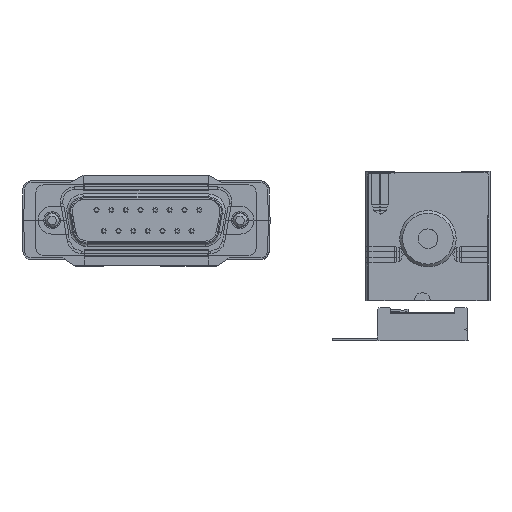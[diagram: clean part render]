
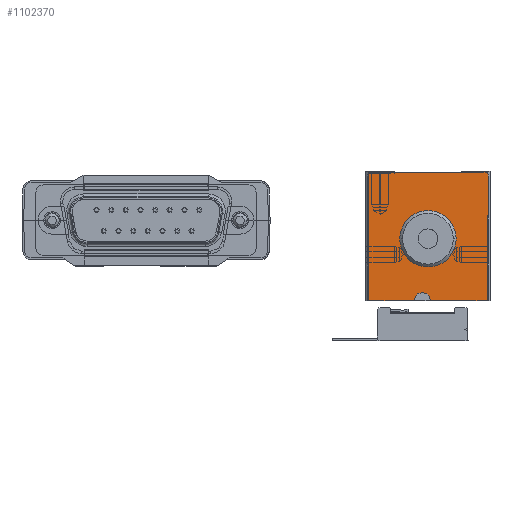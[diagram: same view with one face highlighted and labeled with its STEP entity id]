
A CAD part, front view. The second image highlights one B-rep face of the part: STEP entity #1102370.
In plain terms, the highlighted planar face has unit normal (0, -1, 0) as drawn and (1, 0, 0) by its records, which use the part's own axes.
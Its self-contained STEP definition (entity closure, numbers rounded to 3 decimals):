
#1093690=CARTESIAN_POINT('',(40.,22.,0.));
#1093700=DIRECTION('',(0.,-1.,0.));
#1093710=VECTOR('',#1093700,1.);
#1093720=LINE('',#1093690,#1093710);
#1093730=CARTESIAN_POINT('',(40.,5.,0.));
#1093740=VERTEX_POINT('',#1093730);
#1093750=CARTESIAN_POINT('',(40.,0.5,0.));
#1093760=VERTEX_POINT('',#1093750);
#1093770=EDGE_CURVE('',#1093740,#1093760,#1093720,.T.);
#1096640=CARTESIAN_POINT('',(40.,0.5,-23.));
#1096650=VERTEX_POINT('',#1096640);
#1096680=CARTESIAN_POINT('',(40.,0.,-23.));
#1096690=DIRECTION('',(0.,1.,0.));
#1096700=VECTOR('',#1096690,1.);
#1096710=LINE('',#1096680,#1096700);
#1096720=CARTESIAN_POINT('',(40.,8.6,-23.));
#1096730=VERTEX_POINT('',#1096720);
#1096740=EDGE_CURVE('',#1096650,#1096730,#1096710,.T.);
#1096960=CARTESIAN_POINT('',(40.,11.4,-23.));
#1096970=VERTEX_POINT('',#1096960);
#1097000=CARTESIAN_POINT('',(40.,21.5,-23.));
#1097010=VERTEX_POINT('',#1097000);
#1097020=EDGE_CURVE('',#1096970,#1097010,#1096710,.T.);
#1098940=CARTESIAN_POINT('',(40.,11.4,0.));
#1098950=DIRECTION('',(0.,0.,1.));
#1098960=VECTOR('',#1098950,1.);
#1098970=LINE('',#1098940,#1098960);
#1098980=CARTESIAN_POINT('',(40.,11.4,-22.8));
#1098990=VERTEX_POINT('',#1098980);
#1099000=EDGE_CURVE('',#1096970,#1098990,#1098970,.T.);
#1099670=CARTESIAN_POINT('',(40.,9.8,-22.8));
#1099680=DIRECTION('',(-1.,0.,0.));
#1099690=DIRECTION('',(0.,1.,0.));
#1099700=AXIS2_PLACEMENT_3D('',#1099670,#1099680,#1099690);
#1099710=CIRCLE('',#1099700,1.2);
#1099720=CARTESIAN_POINT('',(40.,8.6,-22.8));
#1099730=VERTEX_POINT('',#1099720);
#1099740=CARTESIAN_POINT('',(40.,9.8,-21.6));
#1099750=VERTEX_POINT('',#1099740);
#1099760=EDGE_CURVE('',#1099730,#1099750,#1099710,.T.);
#1099990=CARTESIAN_POINT('',(40.,0.,-21.6));
#1100000=DIRECTION('',(0.,-1.,0.));
#1100010=VECTOR('',#1100000,1.);
#1100020=LINE('',#1099990,#1100010);
#1100030=CARTESIAN_POINT('',(40.,10.2,-21.6));
#1100040=VERTEX_POINT('',#1100030);
#1100050=EDGE_CURVE('',#1100040,#1099750,#1100020,.T.);
#1100250=CARTESIAN_POINT('',(40.,10.2,-22.8));
#1100260=DIRECTION('',(-1.,0.,0.));
#1100270=DIRECTION('',(0.,1.,0.));
#1100280=AXIS2_PLACEMENT_3D('',#1100250,#1100260,#1100270);
#1100290=CIRCLE('',#1100280,1.2);
#1100300=EDGE_CURVE('',#1100040,#1098990,#1100290,.T.);
#1100430=CARTESIAN_POINT('',(40.,8.6,0.));
#1100440=DIRECTION('',(0.,0.,-1.));
#1100450=VECTOR('',#1100440,1.);
#1100460=LINE('',#1100430,#1100450);
#1100470=EDGE_CURVE('',#1099730,#1096730,#1100460,.T.);
#1100580=CARTESIAN_POINT('',(40.,5.846,-7.9));
#1100590=DIRECTION('',(0.,-1.,0.));
#1100600=VECTOR('',#1100590,1.);
#1100610=LINE('',#1100580,#1100600);
#1100620=CARTESIAN_POINT('',(40.,21.8,-7.9));
#1100630=VERTEX_POINT('',#1100620);
#1100640=CARTESIAN_POINT('',(40.,21.5,-7.9));
#1100650=VERTEX_POINT('',#1100640);
#1100660=EDGE_CURVE('',#1100630,#1100650,#1100610,.T.);
#1101390=CARTESIAN_POINT('',(40.,0.1,-0.8))
;
#1101400=DIRECTION('',(1.,-0.,0.));
#1101410=DIRECTION('',(0.,0.,-1.));
#1101420=AXIS2_PLACEMENT_3D('',#1101390,#1101400,#1101410);
#1101430=PLANE('',#1101420);
#1101440=CARTESIAN_POINT('',(40.,20.9,-1.1));
#1101450=DIRECTION('',(1.,0.,0.));
#1101460=DIRECTION('',(0.,-1.,0.));
#1101470=AXIS2_PLACEMENT_3D('',#1101440,#1101450,#1101460);
#1101480=CIRCLE('',#1101470,0.9);
#1101490=CARTESIAN_POINT('',(40.,21.8,-1.1));
#1101500=VERTEX_POINT('',#1101490);
#1101510=CARTESIAN_POINT('',(40.,20.9,-0.2));
#1101520=VERTEX_POINT('',#1101510);
#1101530=EDGE_CURVE('',#1101500,#1101520,#1101480,.T.);
#1101540=ORIENTED_EDGE('',*,*,#1101530,.T.);
#1101550=CARTESIAN_POINT('',(40.,21.8,-0.8));
#1101560=DIRECTION('',(0.,0.,1.));
#1101570=VECTOR('',#1101560,1.);
#1101580=LINE('',#1101550,#1101570);
#1101590=EDGE_CURVE('',#1100630,#1101500,#1101580,.T.);
#1101600=ORIENTED_EDGE('',*,*,#1101590,.T.);
#1101610=ORIENTED_EDGE('',*,*,#1100660,.F.);
#1101620=CARTESIAN_POINT('',(40.,21.5,0.));
#1101630=DIRECTION('',(0.,0.,1.));
#1101640=VECTOR('',#1101630,1.);
#1101650=LINE('',#1101620,#1101640);
#1101660=CARTESIAN_POINT('',(40.,21.5,-8.));
#1101670=VERTEX_POINT('',#1101660);
#1101680=EDGE_CURVE('',#1101670,#1100650,#1101650,.T.);
#1101690=ORIENTED_EDGE('',*,*,#1101680,.T.);
#1101700=CARTESIAN_POINT('',(40.,21.5,-15.5));
#1101710=DIRECTION('',(0.,0.,-1.));
#1101720=VECTOR('',#1101710,1.);
#1101730=LINE('',#1101700,#1101720);
#1101740=EDGE_CURVE('',#1101670,#1097010,#1101730,.T.);
#1101750=ORIENTED_EDGE('',*,*,#1101740,.F.);
#1101760=ORIENTED_EDGE('',*,*,#1097020,.T.);
#1101770=ORIENTED_EDGE('',*,*,#1099000,.F.);
#1101780=ORIENTED_EDGE('',*,*,#1100300,.T.);
#1101790=ORIENTED_EDGE('',*,*,#1100050,.F.);
#1101800=ORIENTED_EDGE('',*,*,#1099760,.T.);
#1101810=ORIENTED_EDGE('',*,*,#1100470,.F.);
#1101820=ORIENTED_EDGE('',*,*,#1096740,.T.);
#1101830=CARTESIAN_POINT('',(40.,0.5,-11.5));
#1101840=DIRECTION('',(0.,0.,-1.));
#1101850=VECTOR('',#1101840,1.);
#1101860=LINE('',#1101830,#1101850);
#1101870=EDGE_CURVE('',#1093760,#1096650,#1101860,.T.);
#1101880=ORIENTED_EDGE('',*,*,#1101870,.T.);
#1101890=ORIENTED_EDGE('',*,*,#1093770,.T.);
#1101900=CARTESIAN_POINT('',(40.,5.,0.));
#1101910=DIRECTION('',(0.,0.,-1.));
#1101920=VECTOR('',#1101910,1.);
#1101930=LINE('',#1101900,#1101920);
#1101940=CARTESIAN_POINT('',(40.,5.,-0.5));
#1101950=VERTEX_POINT('',#1101940);
#1101960=EDGE_CURVE('',#1093740,#1101950,#1101930,.T.);
#1101970=ORIENTED_EDGE('',*,*,#1101960,.F.);
#1101980=CARTESIAN_POINT('',(40.,0.,-0.5));
#1101990=DIRECTION('',(0.,-1.,0.));
#1102000=VECTOR('',#1101990,1.);
#1102010=LINE('',#1101980,#1102000);
#1102020=CARTESIAN_POINT('',(40.,5.05,-0.5));
#1102030=VERTEX_POINT('',#1102020);
#1102040=EDGE_CURVE('',#1102030,#1101950,#1102010,.T.);
#1102050=ORIENTED_EDGE('',*,*,#1102040,.T.);
#1102060=CARTESIAN_POINT('',(40.,5.05,-0.8));
#1102070=DIRECTION('',(0.,0.,1.));
#1102080=VECTOR('',#1102070,1.);
#1102090=LINE('',#1102060,#1102080);
#1102100=CARTESIAN_POINT('',(40.,5.05,-0.2));
#1102110=VERTEX_POINT('',#1102100);
#1102120=EDGE_CURVE('',#1102030,#1102110,#1102090,.T.);
#1102130=ORIENTED_EDGE('',*,*,#1102120,.F.);
#1102140=CARTESIAN_POINT('',(40.,5.646,-0.2));
#1102150=DIRECTION('',(0.,1.,0.));
#1102160=VECTOR('',#1102150,1.);
#1102170=LINE('',#1102140,#1102160);
#1102180=EDGE_CURVE('',#1102110,#1101520,#1102170,.T.);
#1102190=ORIENTED_EDGE('',*,*,#1102180,.F.);
#1102200=EDGE_LOOP('',(#1102190,#1102130,#1102050,#1101970,#1101890,
#1101880,#1101820,#1101810,#1101800,#1101790,#1101780,#1101770,#1101760,
#1101750,#1101690,#1101610,#1101600,#1101540));
#1102210=FACE_OUTER_BOUND('',#1102200,.T.);
#1102220=CARTESIAN_POINT('',(40.,11.,-12.));
#1102230=DIRECTION('',(1.,0.,0.));
#1102240=DIRECTION('',(0.,1.,0.));
#1102250=AXIS2_PLACEMENT_3D('',#1102220,#1102230,#1102240);
#1102260=CIRCLE('',#1102250,5.);
#1102270=CARTESIAN_POINT('',(40.,16.,-12.));
#1102280=VERTEX_POINT('',#1102270);
#1102290=CARTESIAN_POINT('',(40.,6.,-12.));
#1102300=VERTEX_POINT('',#1102290);
#1102310=EDGE_CURVE('',#1102280,#1102300,#1102260,.T.);
#1102320=ORIENTED_EDGE('',*,*,#1102310,.F.);
#1102330=EDGE_CURVE('',#1102300,#1102280,#1102260,.T.);
#1102340=ORIENTED_EDGE('',*,*,#1102330,.F.);
#1102350=EDGE_LOOP('',(#1102340,#1102320));
#1102360=FACE_BOUND('',#1102350,.T.);
#1102370=ADVANCED_FACE('',(#1102210,#1102360),#1101430,.T.);

*ASSIGNMENT*
Give back an exact repeat of the lines from the top of the data through the line that holds "#1098960=VECTOR('',#1098950,1.);", both included, and omit pictures.

*WRITTEN RESPONSE*
[diagram: clean part render]
[diagram: same view with one face highlighted and labeled with its STEP entity id]
A CAD part, front view. The second image highlights one B-rep face of the part: STEP entity #1102370.
In plain terms, the highlighted planar face has unit normal (0, -1, 0) as drawn and (1, 0, 0) by its records, which use the part's own axes.
Its self-contained STEP definition (entity closure, numbers rounded to 3 decimals):
#1093690=CARTESIAN_POINT('',(40.,22.,0.));
#1093700=DIRECTION('',(0.,-1.,0.));
#1093710=VECTOR('',#1093700,1.);
#1093720=LINE('',#1093690,#1093710);
#1093730=CARTESIAN_POINT('',(40.,5.,0.));
#1093740=VERTEX_POINT('',#1093730);
#1093750=CARTESIAN_POINT('',(40.,0.5,0.));
#1093760=VERTEX_POINT('',#1093750);
#1093770=EDGE_CURVE('',#1093740,#1093760,#1093720,.T.);
#1096640=CARTESIAN_POINT('',(40.,0.5,-23.));
#1096650=VERTEX_POINT('',#1096640);
#1096680=CARTESIAN_POINT('',(40.,0.,-23.));
#1096690=DIRECTION('',(0.,1.,0.));
#1096700=VECTOR('',#1096690,1.);
#1096710=LINE('',#1096680,#1096700);
#1096720=CARTESIAN_POINT('',(40.,8.6,-23.));
#1096730=VERTEX_POINT('',#1096720);
#1096740=EDGE_CURVE('',#1096650,#1096730,#1096710,.T.);
#1096960=CARTESIAN_POINT('',(40.,11.4,-23.));
#1096970=VERTEX_POINT('',#1096960);
#1097000=CARTESIAN_POINT('',(40.,21.5,-23.));
#1097010=VERTEX_POINT('',#1097000);
#1097020=EDGE_CURVE('',#1096970,#1097010,#1096710,.T.);
#1098940=CARTESIAN_POINT('',(40.,11.4,0.));
#1098950=DIRECTION('',(0.,0.,1.));
#1098960=VECTOR('',#1098950,1.);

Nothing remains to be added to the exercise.